LCN2 aggravates diabetic cataracts by promoting ferroptosis in lens epithelial cells
Jiayue Zhang, Liyao Sun, Xiaohan Yu, Chen Yang, Qi An, Chaoqun Wei, Hongyan Ge
2024, 4(3): 177-192. doi: 10.1515/fzm-2024-0018
Abstract:
  Background  Cataracts are the leading cause of reversible blindness worldwide. Diabetic cataract (DC), a prevalent complication of diabetes mellitus, is characterized by its high occurrence, rapid progression, and severe impact. The prevalence of diabetes varies greatly between the northern and southern regions, with higher rates observed among northern residents. DC-induced lens opacity is mainly attributed to oxidative stress. However, it remains unclear whether ferroptosis, a form of regulated cell death, occurs in crystalline epithelial cells during the pathogenesis, which may represent a novel mechanism contributing to DC.  Methods  Transmission electron microscopy, quantitative assays for iron levels and reactive oxygen species (ROS), real-time quantitative polymerase chain reaction (RT-qPCR), western blotting, immunofluorescence, and immunohistochemistry were used to detect ferroptosis.

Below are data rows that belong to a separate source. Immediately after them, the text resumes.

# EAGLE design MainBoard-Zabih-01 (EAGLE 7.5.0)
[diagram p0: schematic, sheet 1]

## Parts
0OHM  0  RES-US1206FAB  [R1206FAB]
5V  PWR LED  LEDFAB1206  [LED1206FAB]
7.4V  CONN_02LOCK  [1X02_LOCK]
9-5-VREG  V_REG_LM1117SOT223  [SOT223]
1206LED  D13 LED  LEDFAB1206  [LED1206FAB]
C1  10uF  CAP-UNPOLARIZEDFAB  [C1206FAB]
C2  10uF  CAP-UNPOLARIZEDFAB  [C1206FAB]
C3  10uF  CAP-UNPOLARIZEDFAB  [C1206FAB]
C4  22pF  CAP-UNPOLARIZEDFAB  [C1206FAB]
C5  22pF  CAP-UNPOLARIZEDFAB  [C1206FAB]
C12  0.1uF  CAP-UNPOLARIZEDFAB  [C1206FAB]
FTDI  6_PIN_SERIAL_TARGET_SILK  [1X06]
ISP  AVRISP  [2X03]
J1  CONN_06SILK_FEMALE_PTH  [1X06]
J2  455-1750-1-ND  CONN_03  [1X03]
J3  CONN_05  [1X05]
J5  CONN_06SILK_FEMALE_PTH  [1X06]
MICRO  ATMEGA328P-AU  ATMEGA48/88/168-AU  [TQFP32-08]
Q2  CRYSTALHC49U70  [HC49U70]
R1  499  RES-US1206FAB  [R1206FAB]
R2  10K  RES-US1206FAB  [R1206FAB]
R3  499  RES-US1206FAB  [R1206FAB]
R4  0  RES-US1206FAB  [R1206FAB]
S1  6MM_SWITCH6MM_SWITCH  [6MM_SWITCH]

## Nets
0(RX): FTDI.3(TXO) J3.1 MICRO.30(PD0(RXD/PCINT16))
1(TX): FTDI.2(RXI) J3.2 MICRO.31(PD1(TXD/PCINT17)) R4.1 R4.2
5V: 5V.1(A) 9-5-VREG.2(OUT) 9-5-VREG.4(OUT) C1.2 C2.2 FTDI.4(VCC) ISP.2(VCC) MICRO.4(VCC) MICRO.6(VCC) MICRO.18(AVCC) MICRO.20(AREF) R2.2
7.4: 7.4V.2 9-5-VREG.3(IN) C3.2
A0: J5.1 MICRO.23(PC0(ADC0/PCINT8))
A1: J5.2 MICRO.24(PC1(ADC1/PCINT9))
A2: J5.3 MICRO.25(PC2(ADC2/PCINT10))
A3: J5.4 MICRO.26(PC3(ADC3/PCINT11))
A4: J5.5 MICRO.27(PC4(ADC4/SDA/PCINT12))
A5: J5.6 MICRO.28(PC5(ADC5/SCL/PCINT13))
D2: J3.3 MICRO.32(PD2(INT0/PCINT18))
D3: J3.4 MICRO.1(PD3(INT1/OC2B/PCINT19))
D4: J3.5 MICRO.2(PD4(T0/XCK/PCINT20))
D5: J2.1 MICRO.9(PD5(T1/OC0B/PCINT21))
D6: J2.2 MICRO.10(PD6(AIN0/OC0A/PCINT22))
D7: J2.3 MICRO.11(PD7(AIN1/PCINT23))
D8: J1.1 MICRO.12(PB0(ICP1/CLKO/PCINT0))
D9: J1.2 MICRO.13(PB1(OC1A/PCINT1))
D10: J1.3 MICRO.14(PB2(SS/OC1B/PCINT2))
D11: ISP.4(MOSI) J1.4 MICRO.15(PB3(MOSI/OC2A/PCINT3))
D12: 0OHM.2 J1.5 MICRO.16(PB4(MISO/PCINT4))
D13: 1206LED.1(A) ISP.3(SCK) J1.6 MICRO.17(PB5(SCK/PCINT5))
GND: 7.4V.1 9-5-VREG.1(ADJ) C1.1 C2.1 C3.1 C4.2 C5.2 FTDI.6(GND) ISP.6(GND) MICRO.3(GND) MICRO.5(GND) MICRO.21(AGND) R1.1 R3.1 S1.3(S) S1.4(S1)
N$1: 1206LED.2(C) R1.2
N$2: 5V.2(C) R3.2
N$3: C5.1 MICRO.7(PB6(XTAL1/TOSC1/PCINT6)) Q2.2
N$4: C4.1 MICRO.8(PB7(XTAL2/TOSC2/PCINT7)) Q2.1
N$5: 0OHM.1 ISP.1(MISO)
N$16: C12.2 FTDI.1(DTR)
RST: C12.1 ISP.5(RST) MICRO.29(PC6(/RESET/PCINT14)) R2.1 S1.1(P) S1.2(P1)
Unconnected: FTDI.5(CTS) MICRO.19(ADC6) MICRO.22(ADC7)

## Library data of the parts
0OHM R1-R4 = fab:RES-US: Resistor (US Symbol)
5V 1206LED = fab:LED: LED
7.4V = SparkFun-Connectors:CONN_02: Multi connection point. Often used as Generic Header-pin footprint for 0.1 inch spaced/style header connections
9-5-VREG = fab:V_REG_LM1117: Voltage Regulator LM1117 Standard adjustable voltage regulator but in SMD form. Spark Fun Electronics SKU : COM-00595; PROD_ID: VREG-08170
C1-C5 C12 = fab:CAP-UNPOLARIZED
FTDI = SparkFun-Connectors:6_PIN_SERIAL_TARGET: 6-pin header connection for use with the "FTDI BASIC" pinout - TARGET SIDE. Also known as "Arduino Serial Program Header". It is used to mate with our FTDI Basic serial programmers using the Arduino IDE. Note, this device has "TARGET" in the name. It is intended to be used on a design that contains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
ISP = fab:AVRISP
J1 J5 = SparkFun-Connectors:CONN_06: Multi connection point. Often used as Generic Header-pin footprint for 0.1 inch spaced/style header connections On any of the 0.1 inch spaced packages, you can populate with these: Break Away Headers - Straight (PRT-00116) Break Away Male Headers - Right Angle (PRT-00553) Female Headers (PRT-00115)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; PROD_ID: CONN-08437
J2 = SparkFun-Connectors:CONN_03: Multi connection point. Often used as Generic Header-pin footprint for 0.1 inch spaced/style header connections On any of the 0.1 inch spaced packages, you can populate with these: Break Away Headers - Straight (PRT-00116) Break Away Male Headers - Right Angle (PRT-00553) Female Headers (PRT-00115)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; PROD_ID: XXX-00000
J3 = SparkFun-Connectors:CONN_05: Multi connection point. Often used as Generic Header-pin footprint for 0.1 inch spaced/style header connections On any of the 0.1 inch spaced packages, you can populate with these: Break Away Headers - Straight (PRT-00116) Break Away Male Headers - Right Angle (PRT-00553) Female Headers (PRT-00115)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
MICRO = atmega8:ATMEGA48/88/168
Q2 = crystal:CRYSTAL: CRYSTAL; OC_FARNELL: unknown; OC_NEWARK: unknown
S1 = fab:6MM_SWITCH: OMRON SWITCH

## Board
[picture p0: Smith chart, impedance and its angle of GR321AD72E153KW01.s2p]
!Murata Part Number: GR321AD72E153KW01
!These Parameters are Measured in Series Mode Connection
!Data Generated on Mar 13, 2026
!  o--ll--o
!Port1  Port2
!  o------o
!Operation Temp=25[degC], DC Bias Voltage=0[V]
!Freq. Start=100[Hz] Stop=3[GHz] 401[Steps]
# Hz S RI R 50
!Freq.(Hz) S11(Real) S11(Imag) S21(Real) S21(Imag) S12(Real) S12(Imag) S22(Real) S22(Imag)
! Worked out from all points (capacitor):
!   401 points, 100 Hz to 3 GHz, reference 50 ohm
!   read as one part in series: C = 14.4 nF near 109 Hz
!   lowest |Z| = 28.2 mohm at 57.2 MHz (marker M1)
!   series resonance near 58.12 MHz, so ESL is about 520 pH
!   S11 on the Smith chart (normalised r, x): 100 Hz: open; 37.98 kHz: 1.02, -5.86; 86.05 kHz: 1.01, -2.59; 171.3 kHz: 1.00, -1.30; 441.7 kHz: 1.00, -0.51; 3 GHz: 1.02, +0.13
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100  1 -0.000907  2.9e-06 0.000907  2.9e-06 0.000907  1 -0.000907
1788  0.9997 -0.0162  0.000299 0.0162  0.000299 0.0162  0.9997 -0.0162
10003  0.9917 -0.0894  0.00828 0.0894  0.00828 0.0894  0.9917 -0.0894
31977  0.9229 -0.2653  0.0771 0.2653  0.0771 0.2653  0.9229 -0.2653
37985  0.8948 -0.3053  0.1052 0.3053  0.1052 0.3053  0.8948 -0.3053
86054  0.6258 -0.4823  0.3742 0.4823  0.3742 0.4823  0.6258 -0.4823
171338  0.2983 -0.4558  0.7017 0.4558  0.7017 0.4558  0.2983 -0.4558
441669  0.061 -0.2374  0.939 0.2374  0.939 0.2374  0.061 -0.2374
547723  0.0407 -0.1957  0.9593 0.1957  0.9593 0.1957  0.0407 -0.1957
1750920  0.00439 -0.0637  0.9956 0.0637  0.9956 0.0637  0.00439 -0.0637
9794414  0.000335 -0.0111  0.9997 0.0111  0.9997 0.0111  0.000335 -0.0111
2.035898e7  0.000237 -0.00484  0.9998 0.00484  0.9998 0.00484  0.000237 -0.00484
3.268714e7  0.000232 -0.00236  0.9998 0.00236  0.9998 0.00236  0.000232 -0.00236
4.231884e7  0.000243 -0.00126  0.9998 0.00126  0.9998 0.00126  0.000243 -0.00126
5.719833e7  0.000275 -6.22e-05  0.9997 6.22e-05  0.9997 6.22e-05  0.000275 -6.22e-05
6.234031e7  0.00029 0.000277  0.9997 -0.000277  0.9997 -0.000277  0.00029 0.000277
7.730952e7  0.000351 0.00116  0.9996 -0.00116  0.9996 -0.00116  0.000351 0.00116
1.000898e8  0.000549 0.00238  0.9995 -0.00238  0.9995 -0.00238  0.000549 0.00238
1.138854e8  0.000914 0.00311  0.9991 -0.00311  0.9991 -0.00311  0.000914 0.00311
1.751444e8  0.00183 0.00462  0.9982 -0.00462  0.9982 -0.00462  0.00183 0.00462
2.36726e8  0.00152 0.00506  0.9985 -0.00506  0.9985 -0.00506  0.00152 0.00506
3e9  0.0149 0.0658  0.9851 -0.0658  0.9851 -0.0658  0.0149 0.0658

Gene editing techniques were utilized to study the regulatory relationships among lipocalin 2 (LCN2), glutathione peroxidase 4 (GPX4), and ferritin heavy chain (FTH). Local knockdown of the LCN2 gene in B-3 cells and the eyes of Sprague Dawley (SD) rats was performed to verify and further explore the role and regulatory mechanisms of LCN2 in DC-associated ferroptosis.  Results  An in vitro model using high glucose levels and an in vivo model with streptozotocin-induced diabetes in SD rats were successfully established. Ferroptosis was observed in both in vitro and in vivo experiments. LCN2 protein was normally expressed in human and rat lens epithelial cells, but its expression significantly increased during ferroptosis. The ferroptosis inhibitor, ferrostatin-1 (Fer-1) effectively inhibited ferroptosis and reduced LCN2 protein expression. Notably, local knockdown of LCN2 via gene editing protected lens epithelial cells from ferroptosis in vitro and slowed the progression of DC in SD rats in vivo.  Conclusion  Our findings underscore the significant role of ferroptosis in the pathogenesis of DC, suggesting that selectively targeting LCN2 activation and enhancing ferroptosis resistance may offer a novel therapeutic approach for treating DC.